## What is required
Scan the entries and copy each line where the word "placement" is present.

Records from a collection
■ ■ ■ ■ ■ ■ ■

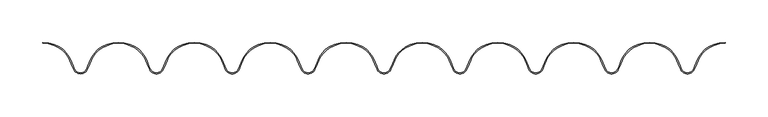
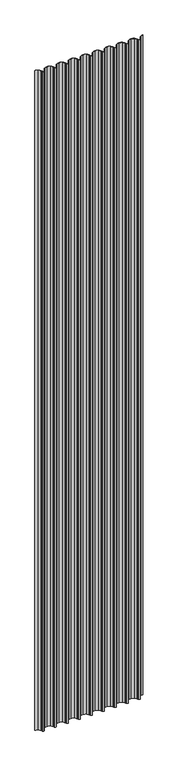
"""IFC4 building model written with IfcOpenShell, lengths in millimetres: plate geometry, Regolare Couverture 801  : Regolare Couverture 801 ."""

from ifc_helpers import new_model, si_unit, point, frame_2d, origin, origin_with_axes, place, context, project, spatial, polyline, circle_curve, trimmed, segment, composite_curve, outline, extrude, source, transform, mapped, element, save


def plate_819b0cbf(model_context):
    return source(origin(), model_context, "Body", "SweptSolid", [
        extrude(outline(composite_curve([segment(trimmed(circle_curve(frame_2d((-400.7317009, -1.5098563)), 37.4503244), [point((-381.1909507, 30.4383187))], [point((-400.7317009, 35.9404682))], True, "CARTESIAN"), True, "CONTINUOUS"), segment(polyline([(-400.7317009, 35.9404682), (-400.7317009, 36.9404682)]), True, "CONTINUOUS"), segment(trimmed(circle_curve(frame_2d((-400.7317009, -1.5098563)), 38.4503244), [point((-400.7317009, 36.9404682))], [point((-380.6691729, 31.2914001))], False, "CARTESIAN"), True, "CONTINUOUS"), segment(trimmed(circle_curve(frame_2d((-397.1660556, 4.3198001)), 31.6166783), [point((-380.6691729, 31.2914001))], [point((-367.8105714, 16.0616012))], False, "CARTESIAN"), True, "CONTINUOUS"), segment(polyline([(-367.8105714, 16.0616012), (-364.9413497, 8.8980757), (-363.294996, 5.4633665)]), True, "CONTINUOUS"), segment(trimmed(circle_curve(frame_2d((-356.2059563, 8.8613445)), 7.8613445), [point((-363.294996, 5.4633665))], [point((-356.2059563, 1.0))], True, "CARTESIAN"), True, "CONTINUOUS"), segment(trimmed(circle_curve(frame_2d((-356.2059563, 8.8613445)), 7.8613445), [point((-356.2059563, 1.0))], [point((-349.1169167, 5.4633665))], True, "CARTESIAN"), True, "CONTINUOUS"), segment(polyline([(-349.1169167, 5.4633665), (-347.470563, 8.8980757), (-344.6013413, 16.061601)]), True, "CONTINUOUS"), segment(trimmed(circle_curve(frame_2d((-315.245857, 4.3198001)), 31.6166783), [point((-344.6013413, 16.061601))], [point((-331.7427398, 31.2914001))], False, "CARTESIAN"), True, "CONTINUOUS"), segment(trimmed(circle_curve(frame_2d((-311.6802118, -1.5098563)), 38.4503244), [point((-331.7427398, 31.2914001))], [point((-311.6802118, 36.9404682))], False, "CARTESIAN"), True, "CONTINUOUS"), segment(trimmed(circle_curve(frame_2d((-311.6802118, -1.5098563)), 38.4503244), [point((-311.6802118, 36.9404682))], [point((-291.6176838, 31.2914001))], False, "CARTESIAN"), True, "CONTINUOUS"), segment(trimmed(circle_curve(frame_2d((-308.1145665, 4.3198001)), 31.6166783), [point((-291.6176838, 31.2914001))], [point((-278.7590823, 16.0616012))], False, "CARTESIAN"), True, "CONTINUOUS"), segment(polyline([(-278.7590823, 16.0616012), (-275.8898606, 8.8980757), (-274.2435069, 5.4633665)]), True, "CONTINUOUS"), segment(trimmed(circle_curve(frame_2d((-267.1544672, 8.8613445)), 7.8613445), [point((-274.2435069, 5.4633665))], [point((-260.0654276, 5.4633665))], True, "CARTESIAN"), True, "CONTINUOUS"), segment(polyline([(-260.0654276, 5.4633665), (-258.4190739, 8.8980757), (-255.5498522, 16.0616012)]), True, "CONTINUOUS"), segment(trimmed(circle_curve(frame_2d((-226.1943679, 4.3198001)), 31.6166783), [point((-255.5498522, 16.0616012))], [point((-242.6912507, 31.2914001))], False, "CARTESIAN"), True, "CONTINUOUS"), segment(trimmed(circle_curve(frame_2d((-222.6287227, -1.5098563)), 38.4503244), [point((-242.6912507, 31.2914001))], [point((-222.6287227, 36.9404682))], False, "CARTESIAN"), True, "CONTINUOUS"), segment(trimmed(circle_curve(frame_2d((-222.6287227, -1.5098563)), 38.4503244), [point((-222.6287227, 36.9404682))], [point((-202.5661947, 31.2914001))], False, "CARTESIAN"), True, "CONTINUOUS"), segment(trimmed(circle_curve(frame_2d((-219.0630775, 4.3198001)), 31.6166783), [point((-202.5661947, 31.2914001))], [point((-189.7075932, 16.0616012))], False, "CARTESIAN"), True, "CONTINUOUS"), segment(polyline([(-189.7075932, 16.0616012), (-186.8383715, 8.8980757), (-185.1920178, 5.4633665)]), True, "CONTINUOUS"), segment(trimmed(circle_curve(frame_2d((-178.1029782, 8.8613445)), 7.8613445), [point((-185.1920178, 5.4633665))], [point((-171.0139385, 5.4633665))], True, "CARTESIAN"), True, "CONTINUOUS"), segment(polyline([(-171.0139385, 5.4633665), (-169.3675848, 8.8980757), (-166.4983631, 16.0616012)]), True, "CONTINUOUS"), segment(trimmed(circle_curve(frame_2d((-137.1428789, 4.3198001)), 31.6166783), [point((-166.4983631, 16.0616012))], [point((-153.6397616, 31.2914001))], False, "CARTESIAN"), True, "CONTINUOUS"), segment(trimmed(circle_curve(frame_2d((-133.5772336, -1.5098563)), 38.4503244), [point((-153.6397616, 31.2914001))], [point((-133.5772336, 36.9404682))], False, "CARTESIAN"), True, "CONTINUOUS"), segment(trimmed(circle_curve(frame_2d((-133.5772336, -1.5098563)), 38.4503244), [point((-133.5772336, 36.9404682))], [point((-113.5147056, 31.2914001))], False, "CARTESIAN"), True, "CONTINUOUS"), segment(trimmed(circle_curve(frame_2d((-130.0115884, 4.3198001)), 31.6166783), [point((-113.5147056, 31.2914001))], [point((-100.6561042, 16.0616012))], False, "CARTESIAN"), True, "CONTINUOUS"), segment(polyline([(-100.6561042, 16.0616012), (-97.7868824, 8.8980757), (-96.1405287, 5.4633665)]), True, "CONTINUOUS"), segment(trimmed(circle_curve(frame_2d((-89.0514891, 8.8613445)), 7.8613445), [point((-96.1405287, 5.4633665))], [point((-81.9624494, 5.4633665))], True, "CARTESIAN"), True, "CONTINUOUS"), segment(polyline([(-81.9624494, 5.4633665), (-80.3160957, 8.8980757), (-77.4468741, 16.0616009)]), True, "CONTINUOUS"), segment(trimmed(circle_curve(frame_2d((-48.0913898, 4.3198001)), 31.6166783), [point((-77.4468741, 16.0616009))], [point((-64.5882725, 31.2914001))], False, "CARTESIAN"), True, "CONTINUOUS"), segment(trimmed(circle_curve(frame_2d((-44.5257445, -1.5098563)), 38.4503244), [point((-64.5882725, 31.2914001))], [point((-44.5257445, 36.9404682))], False, "CARTESIAN"), True, "CONTINUOUS"), segment(trimmed(circle_curve(frame_2d((-44.5257445, -1.5098563)), 38.4503244), [point((-44.5257445, 36.9404682))], [point((-24.4632165, 31.2914001))], False, "CARTESIAN"), True, "CONTINUOUS"), segment(trimmed(circle_curve(frame_2d((-40.9600993, 4.3198001)), 31.6166783), [point((-24.4632165, 31.2914001))], [point((-11.6046151, 16.0616012))], False, "CARTESIAN"), True, "CONTINUOUS"), segment(polyline([(-11.6046151, 16.0616012), (-8.7353934, 8.8980757), (-7.0890396, 5.4633665)]), True, "CONTINUOUS"), segment(trimmed(circle_curve(frame_2d((0.0, 8.8613445)), 7.8613445), [point((-7.0890396, 5.4633665))], [point((7.0890396, 5.4633665))], True, "CARTESIAN"), True, "CONTINUOUS"), segment(polyline([(7.0890396, 5.4633665), (10.1613035, 11.8728842), (11.81214, 15.9944927)]), True, "CONTINUOUS"), segment(trimmed(circle_curve(frame_2d((41.1621008, 4.238892)), 31.6166783), [point((11.81214, 15.9944927))], [point((24.665218, 31.210492))], False, "CARTESIAN"), True, "CONTINUOUS"), segment(trimmed(circle_curve(frame_2d((44.727746, -1.5907643)), 38.4503244), [point((24.665218, 31.210492))], [point((44.727746, 36.8595601))], False, "CARTESIAN"), True, "CONTINUOUS"), segment(trimmed(circle_curve(frame_2d((44.727746, -1.5907643)), 38.4503244), [point((44.727746, 36.8595601))], [point((64.790274, 31.210492))], False, "CARTESIAN"), True, "CONTINUOUS"), segment(trimmed(circle_curve(frame_2d((48.2933913, 4.238892)), 31.6166783), [point((64.790274, 31.210492))], [point((77.6433521, 15.9944927))], False, "CARTESIAN"), True, "CONTINUOUS"), segment(polyline([(77.6433521, 15.9944927), (81.3477885, 6.7457044), (81.9624494, 5.4633665)]), True, "CONTINUOUS"), segment(trimmed(circle_curve(frame_2d((89.0514891, 8.8613445)), 7.8613445), [point((81.9624494, 5.4633665))], [point((96.1405287, 5.4633665))], True, "CARTESIAN"), True, "CONTINUOUS"), segment(polyline([(96.1405287, 5.4633665), (97.7868824, 8.8980757), (100.6561041, 16.0616012)]), True, "CONTINUOUS"), segment(trimmed(circle_curve(frame_2d((130.0115884, 4.3198001)), 31.6166783), [point((100.6561041, 16.0616012))], [point((113.5147056, 31.2914001))], False, "CARTESIAN"), True, "CONTINUOUS"), segment(trimmed(circle_curve(frame_2d((133.5772336, -1.5098563)), 38.4503244), [point((113.5147056, 31.2914001))], [point((133.5772336, 36.9404682))], False, "CARTESIAN"), True, "CONTINUOUS"), segment(trimmed(circle_curve(frame_2d((133.5772336, -1.5098563)), 38.4503244), [point((133.5772336, 36.9404682))], [point((153.6397616, 31.2914001))], False, "CARTESIAN"), True, "CONTINUOUS"), segment(trimmed(circle_curve(frame_2d((137.1428789, 4.3198001)), 31.6166783), [point((153.6397616, 31.2914001))], [point((166.4983631, 16.0616012))], False, "CARTESIAN"), True, "CONTINUOUS"), segment(polyline([(166.4983631, 16.0616012), (169.3675848, 8.8980757), (171.0139385, 5.4633665)]), True, "CONTINUOUS"), segment(trimmed(circle_curve(frame_2d((178.1029782, 8.8613445)), 7.8613445), [point((171.0139385, 5.4633665))], [point((185.1920178, 5.4633665))], True, "CARTESIAN"), True, "CONTINUOUS"), segment(polyline([(185.1920178, 5.4633665), (186.8383715, 8.8980757), (189.7075932, 16.0616012)]), True, "CONTINUOUS"), segment(trimmed(circle_curve(frame_2d((219.0630775, 4.3198001)), 31.6166783), [point((189.7075932, 16.0616012))], [point((202.5661947, 31.2914001))], False, "CARTESIAN"), True, "CONTINUOUS"), segment(trimmed(circle_curve(frame_2d((222.6287227, -1.5098563)), 38.4503244), [point((202.5661947, 31.2914001))], [point((222.6287227, 36.9404682))], False, "CARTESIAN"), True, "CONTINUOUS"), segment(trimmed(circle_curve(frame_2d((222.6287227, -1.5098563)), 38.4503244), [point((222.6287227, 36.9404682))], [point((242.6912507, 31.2914001))], False, "CARTESIAN"), True, "CONTINUOUS"), segment(trimmed(circle_curve(frame_2d((226.1943679, 4.3198001)), 31.6166783), [point((242.6912507, 31.2914001))], [point((255.5498521, 16.0616013))], False, "CARTESIAN"), True, "CONTINUOUS"), segment(polyline([(255.5498521, 16.0616013), (258.4190739, 8.8980757), (260.0654276, 5.4633665)]), True, "CONTINUOUS"), segment(trimmed(circle_curve(frame_2d((267.1544672, 8.8613445)), 7.8613445), [point((260.0654276, 5.4633665))], [point((274.2435069, 5.4633665))], True, "CARTESIAN"), True, "CONTINUOUS"), segment(polyline([(274.2435069, 5.4633665), (275.8898606, 8.8980757), (278.7590823, 16.0616012)]), True, "CONTINUOUS"), segment(trimmed(circle_curve(frame_2d((308.1145665, 4.3198001)), 31.6166783), [point((278.7590823, 16.0616012))], [point((291.6176838, 31.2914001))], False, "CARTESIAN"), True, "CONTINUOUS"), segment(trimmed(circle_curve(frame_2d((311.6802118, -1.5098563)), 38.4503244), [point((291.6176838, 31.2914001))], [point((311.6802118, 36.9404682))], False, "CARTESIAN"), True, "CONTINUOUS"), segment(trimmed(circle_curve(frame_2d((311.6802118, -1.5098563)), 38.4503244), [point((311.6802118, 36.9404682))], [point((331.7427398, 31.2914001))], False, "CARTESIAN"), True, "CONTINUOUS"), segment(trimmed(circle_curve(frame_2d((315.245857, 4.3198001)), 31.6166783), [point((331.7427398, 31.2914001))], [point((344.6013413, 16.0616011))], False, "CARTESIAN"), True, "CONTINUOUS"), segment(polyline([(344.6013413, 16.0616011), (347.470563, 8.8980757), (349.1169167, 5.4633665)]), True, "CONTINUOUS"), segment(trimmed(circle_curve(frame_2d((356.2059563, 8.8613445)), 7.8613445), [point((349.1169167, 5.4633665))], [point((363.294996, 5.4633665))], True, "CARTESIAN"), True, "CONTINUOUS"), segment(polyline([(363.294996, 5.4633665), (364.9413497, 8.8980757), (367.8105713, 16.061601)]), True, "CONTINUOUS"), segment(trimmed(circle_curve(frame_2d((397.1660556, 4.3198001)), 31.6166783), [point((367.8105713, 16.061601))], [point((380.6691729, 31.2914001))], False, "CARTESIAN"), True, "CONTINUOUS"), segment(trimmed(circle_curve(frame_2d((400.7317009, -1.5098563)), 38.4503244), [point((380.6691729, 31.2914001))], [point((400.7317009, 36.9404682))], False, "CARTESIAN"), True, "CONTINUOUS"), segment(polyline([(400.7317009, 36.9404682), (400.7317009, 35.9404682)]), True, "CONTINUOUS"), segment(trimmed(circle_curve(frame_2d((400.7317009, -1.5098563)), 37.4503244), [point((400.7317009, 35.9404682))], [point((381.1909507, 30.4383187))], True, "CARTESIAN"), True, "CONTINUOUS"), segment(trimmed(circle_curve(frame_2d((397.1660556, 4.3198001)), 30.6166783), [point((381.1909507, 30.4383187))], [point((368.7389658, 15.6900047))], True, "CARTESIAN"), True, "CONTINUOUS"), segment(polyline([(368.7389658, 15.6900047), (365.8573799, 8.4956098), (364.1967551, 5.0311277)]), True, "CONTINUOUS"), segment(trimmed(circle_curve(frame_2d((356.2059563, 8.8613445)), 8.8613445), [point((364.1967551, 5.0311277))], [point((348.2151575, 5.0311277))], False, "CARTESIAN"), True, "CONTINUOUS"), segment(polyline([(348.2151575, 5.0311277), (346.5545328, 8.4956098), (343.6729469, 15.6900047)]), True, "CONTINUOUS"), segment(trimmed(circle_curve(frame_2d((315.245857, 4.3198001)), 30.6166783), [point((343.6729469, 15.6900047))], [point((331.2209619, 30.4383187))], True, "CARTESIAN"), True, "CONTINUOUS"), segment(trimmed(circle_curve(frame_2d((311.6802118, -1.5098563)), 37.4503244), [point((331.2209619, 30.4383187))], [point((311.6802118, 35.9404682))], True, "CARTESIAN"), True, "CONTINUOUS"), segment(trimmed(circle_curve(frame_2d((311.6802118, -1.5098563)), 37.4503244), [point((311.6802118, 35.9404682))], [point((292.1394616, 30.4383187))], True, "CARTESIAN"), True, "CONTINUOUS"), segment(trimmed(circle_curve(frame_2d((308.1145665, 4.3198001)), 30.6166783), [point((292.1394616, 30.4383187))], [point((279.6874767, 15.6900047))], True, "CARTESIAN"), True, "CONTINUOUS"), segment(polyline([(279.6874767, 15.6900047), (276.8058908, 8.4956098), (275.1452661, 5.0311277)]), True, "CONTINUOUS"), segment(trimmed(circle_curve(frame_2d((267.1544672, 8.8613445)), 8.8613445), [point((275.1452661, 5.0311277))], [point((259.1636684, 5.0311277))], False, "CARTESIAN"), True, "CONTINUOUS"), segment(polyline([(259.1636684, 5.0311277), (257.5030437, 8.4956098), (254.6214578, 15.6900047)]), True, "CONTINUOUS"), segment(trimmed(circle_curve(frame_2d((226.1943679, 4.3198001)), 30.6166783), [point((254.6214578, 15.6900047))], [point((242.1694728, 30.4383187))], True, "CARTESIAN"), True, "CONTINUOUS"), segment(trimmed(circle_curve(frame_2d((222.6287227, -1.5098563)), 37.4503244), [point((242.1694728, 30.4383187))], [point((222.6287227, 35.9404682))], True, "CARTESIAN"), True, "CONTINUOUS"), segment(trimmed(circle_curve(frame_2d((222.6287227, -1.5098563)), 37.4503244), [point((222.6287227, 35.9404682))], [point((203.0879726, 30.4383187))], True, "CARTESIAN"), True, "CONTINUOUS"), segment(trimmed(circle_curve(frame_2d((219.0630775, 4.3198001)), 30.6166783), [point((203.0879726, 30.4383187))], [point((190.6359876, 15.6900047))], True, "CARTESIAN"), True, "CONTINUOUS"), segment(polyline([(190.6359876, 15.6900047), (187.7544017, 8.4956098), (186.093777, 5.0311277)]), True, "CONTINUOUS"), segment(trimmed(circle_curve(frame_2d((178.1029782, 8.8613445)), 8.8613445), [point((186.093777, 5.0311277))], [point((170.1121793, 5.0311277))], False, "CARTESIAN"), True, "CONTINUOUS"), segment(polyline([(170.1121793, 5.0311277), (168.4515546, 8.4956098), (165.5699687, 15.6900047)]), True, "CONTINUOUS"), segment(trimmed(circle_curve(frame_2d((137.1428789, 4.3198001)), 30.6166783), [point((165.5699687, 15.6900047))], [point((153.1179838, 30.4383187))], True, "CARTESIAN"), True, "CONTINUOUS"), segment(trimmed(circle_curve(frame_2d((133.5772336, -1.5098563)), 37.4503244), [point((153.1179838, 30.4383187))], [point((133.5772336, 35.9404682))], True, "CARTESIAN"), True, "CONTINUOUS"), segment(trimmed(circle_curve(frame_2d((133.5772336, -1.5098563)), 37.4503244), [point((133.5772336, 35.9404682))], [point((114.0364835, 30.4383187))], True, "CARTESIAN"), True, "CONTINUOUS"), segment(trimmed(circle_curve(frame_2d((130.0115884, 4.3198001)), 30.6166783), [point((114.0364835, 30.4383187))], [point((101.5844985, 15.6900047))], True, "CARTESIAN"), True, "CONTINUOUS"), segment(polyline([(101.5844985, 15.6900047), (98.7029126, 8.4956098), (97.0422879, 5.0311277)]), True, "CONTINUOUS"), segment(trimmed(circle_curve(frame_2d((89.0514891, 8.8613445)), 8.8613445), [point((97.0422879, 5.0311277))], [point((81.0606903, 5.0311277))], False, "CARTESIAN"), True, "CONTINUOUS"), segment(polyline([(81.0606903, 5.0311277), (79.4000655, 8.4956098), (76.5184796, 15.6900047)]), True, "CONTINUOUS"), segment(trimmed(circle_curve(frame_2d((48.0913898, 4.3198001)), 30.6166783), [point((76.5184796, 15.6900047))], [point((64.0664947, 30.4383187))], True, "CARTESIAN"), True, "CONTINUOUS"), segment(trimmed(circle_curve(frame_2d((44.5257445, -1.5098563)), 37.4503244), [point((64.0664947, 30.4383187))], [point((44.5257445, 35.9404682))], True, "CARTESIAN"), True, "CONTINUOUS"), segment(trimmed(circle_curve(frame_2d((44.5257445, -1.5098563)), 37.4503244), [point((44.5257445, 35.9404682))], [point((24.9849944, 30.4383187))], True, "CARTESIAN"), True, "CONTINUOUS"), segment(trimmed(circle_curve(frame_2d((40.9600993, 4.3198001)), 30.6166783), [point((24.9849944, 30.4383187))], [point((12.5330095, 15.6900048))], True, "CARTESIAN"), True, "CONTINUOUS"), segment(polyline([(12.5330095, 15.6900048), (9.6514235, 8.4956098), (7.9907988, 5.0311277)]), True, "CONTINUOUS"), segment(trimmed(circle_curve(frame_2d((0.0, 8.8613445)), 8.8613445), [point((7.9907988, 5.0311277))], [point((-7.9907988, 5.0311277))], False, "CARTESIAN"), True, "CONTINUOUS"), segment(polyline([(-7.9907988, 5.0311277), (-9.6514235, 8.4956098), (-12.5330095, 15.6900047)]), True, "CONTINUOUS"), segment(trimmed(circle_curve(frame_2d((-40.9600993, 4.3198001)), 30.6166783), [point((-12.5330095, 15.6900047))], [point((-24.9849944, 30.4383187))], True, "CARTESIAN"), True, "CONTINUOUS"), segment(trimmed(circle_curve(frame_2d((-44.5257445, -1.5098563)), 37.4503244), [point((-24.9849944, 30.4383187))], [point((-44.5257445, 35.9404682))], True, "CARTESIAN"), True, "CONTINUOUS"), segment(trimmed(circle_curve(frame_2d((-44.5257445, -1.5098563)), 37.4503244), [point((-44.5257445, 35.9404682))], [point((-64.0664947, 30.4383187))], True, "CARTESIAN"), True, "CONTINUOUS"), segment(trimmed(circle_curve(frame_2d((-48.0913898, 4.3198001)), 30.6166783), [point((-64.0664947, 30.4383187))], [point((-76.5184796, 15.6900047))], True, "CARTESIAN"), True, "CONTINUOUS"), segment(polyline([(-76.5184796, 15.6900047), (-79.4000655, 8.4956098), (-81.0606903, 5.0311277)]), True, "CONTINUOUS"), segment(trimmed(circle_curve(frame_2d((-89.0514891, 8.8613445)), 8.8613445), [point((-81.0606903, 5.0311277))], [point((-97.0422879, 5.0311277))], False, "CARTESIAN"), True, "CONTINUOUS"), segment(polyline([(-97.0422879, 5.0311277), (-98.7029126, 8.4956098), (-101.5844985, 15.6900047)]), True, "CONTINUOUS"), segment(trimmed(circle_curve(frame_2d((-130.0115884, 4.3198001)), 30.6166783), [point((-101.5844985, 15.6900047))], [point((-114.0364835, 30.4383187))], True, "CARTESIAN"), True, "CONTINUOUS"), segment(trimmed(circle_curve(frame_2d((-133.5772336, -1.5098563)), 37.4503244), [point((-114.0364835, 30.4383187))], [point((-133.5772336, 35.9404682))], True, "CARTESIAN"), True, "CONTINUOUS"), segment(trimmed(circle_curve(frame_2d((-133.5772336, -1.5098563)), 37.4503244), [point((-133.5772336, 35.9404682))], [point((-153.1179838, 30.4383187))], True, "CARTESIAN"), True, "CONTINUOUS"), segment(trimmed(circle_curve(frame_2d((-137.1428789, 4.3198001)), 30.6166783), [point((-153.1179838, 30.4383187))], [point((-165.5699687, 15.6900047))], True, "CARTESIAN"), True, "CONTINUOUS"), segment(polyline([(-165.5699687, 15.6900047), (-168.4515546, 8.4956098), (-170.1121793, 5.0311277)]), True, "CONTINUOUS"), segment(trimmed(circle_curve(frame_2d((-178.1029782, 8.8613445)), 8.8613445), [point((-170.1121793, 5.0311277))], [point((-186.093777, 5.0311277))], False, "CARTESIAN"), True, "CONTINUOUS"), segment(polyline([(-186.093777, 5.0311277), (-187.7544017, 8.4956098), (-190.6359876, 15.6900047)]), True, "CONTINUOUS"), segment(trimmed(circle_curve(frame_2d((-219.0630775, 4.3198001)), 30.6166783), [point((-190.6359876, 15.6900047))], [point((-203.0879726, 30.4383187))], True, "CARTESIAN"), True, "CONTINUOUS"), segment(trimmed(circle_curve(frame_2d((-222.6287227, -1.5098563)), 37.4503244), [point((-203.0879726, 30.4383187))], [point((-222.6287227, 35.9404682))], True, "CARTESIAN"), True, "CONTINUOUS"), segment(trimmed(circle_curve(frame_2d((-222.6287227, -1.5098563)), 37.4503244), [point((-222.6287227, 35.9404682))], [point((-242.1694728, 30.4383187))], True, "CARTESIAN"), True, "CONTINUOUS"), segment(trimmed(circle_curve(frame_2d((-226.1943679, 4.3198001)), 30.6166783), [point((-242.1694728, 30.4383187))], [point((-254.6214578, 15.6900047))], True, "CARTESIAN"), True, "CONTINUOUS"), segment(polyline([(-254.6214578, 15.6900047), (-257.5030437, 8.4956098), (-259.1636684, 5.0311277)]), True, "CONTINUOUS"), segment(trimmed(circle_curve(frame_2d((-267.1544672, 8.8613445)), 8.8613445), [point((-259.1636684, 5.0311277))], [point((-275.1452661, 5.0311277))], False, "CARTESIAN"), True, "CONTINUOUS"), segment(polyline([(-275.1452661, 5.0311277), (-276.8058908, 8.4956098), (-279.6874767, 15.6900047)]), True, "CONTINUOUS"), segment(trimmed(circle_curve(frame_2d((-308.1145665, 4.3198001)), 30.6166783), [point((-279.6874767, 15.6900047))], [point((-292.1394616, 30.4383187))], True, "CARTESIAN"), True, "CONTINUOUS"), segment(trimmed(circle_curve(frame_2d((-311.6802118, -1.5098563)), 37.4503244), [point((-292.1394616, 30.4383187))], [point((-311.6802118, 35.9404682))], True, "CARTESIAN"), True, "CONTINUOUS"), segment(trimmed(circle_curve(frame_2d((-311.6802118, -1.5098563)), 37.4503244), [point((-311.6802118, 35.9404682))], [point((-331.2209619, 30.4383187))], True, "CARTESIAN"), True, "CONTINUOUS"), segment(trimmed(circle_curve(frame_2d((-315.245857, 4.3198001)), 30.6166783), [point((-331.2209619, 30.4383187))], [point((-343.6729469, 15.6900047))], True, "CARTESIAN"), True, "CONTINUOUS"), segment(polyline([(-343.6729469, 15.6900047), (-346.5545328, 8.4956098), (-348.2151575, 5.0311277)]), True, "CONTINUOUS"), segment(trimmed(circle_curve(frame_2d((-356.2059563, 8.8613445)), 8.8613445), [point((-348.2151575, 5.0311277))], [point((-356.2059563, 0.0))], False, "CARTESIAN"), True, "CONTINUOUS"), segment(trimmed(circle_curve(frame_2d((-356.2059563, 8.8613445)), 8.8613445), [point((-356.2059563, 0.0))], [point((-364.1967551, 5.0311277))], False, "CARTESIAN"), True, "CONTINUOUS"), segment(polyline([(-364.1967551, 5.0311277), (-365.8573799, 8.4956098), (-368.7389658, 15.6900047)]), True, "CONTINUOUS"), segment(trimmed(circle_curve(frame_2d((-397.1660556, 4.3198001)), 30.6166783), [point((-368.7389658, 15.6900047))], [point((-381.1909507, 30.4383187))], True, "CARTESIAN"), True, "CONTINUOUS")], self_intersect=False)), origin_with_axes(), (0.0, 0.0, 1.0), 5176.3809021),
    ])


if __name__ == "__main__":
    model = new_model("IFC4")
    model_context = context("Model", 3, world=origin())
    ifc_project = project(units=[si_unit("LENGTHUNIT", "METRE", prefix="MILLI")], contexts=[model_context])
    site = spatial("IfcSite", under=ifc_project)
    building = spatial("IfcBuilding", under=site)
    placement = place(None, origin())
    plate_shape = plate_819b0cbf(model_context)
    element("IfcPlate", 1, ObjectType="Regolare Couverture 801  : Regolare Couverture 801 ", at=placement, inside=building, context=model_context, shape_type="MappedRepresentation", body=[
        mapped(plate_shape, transform((0.0, 0.0, 0.0), x_axis=(1.0, 0.0, 0.0), y_axis=(0.0, 1.0, 0.0), z_axis=(0.0, 0.0, 1.0))),
    ])
    save(model, "model.ifc")

■ ■ ■ ■ ■ ■ ■

## Result of this exercise
    placement = place(None, origin())
    element("IfcPlate", 1, ObjectType="Regolare Couverture 801  : Regolare Couverture 801 ", at=placement, inside=building, context=model_context, shape_type="MappedRepresentation", body=[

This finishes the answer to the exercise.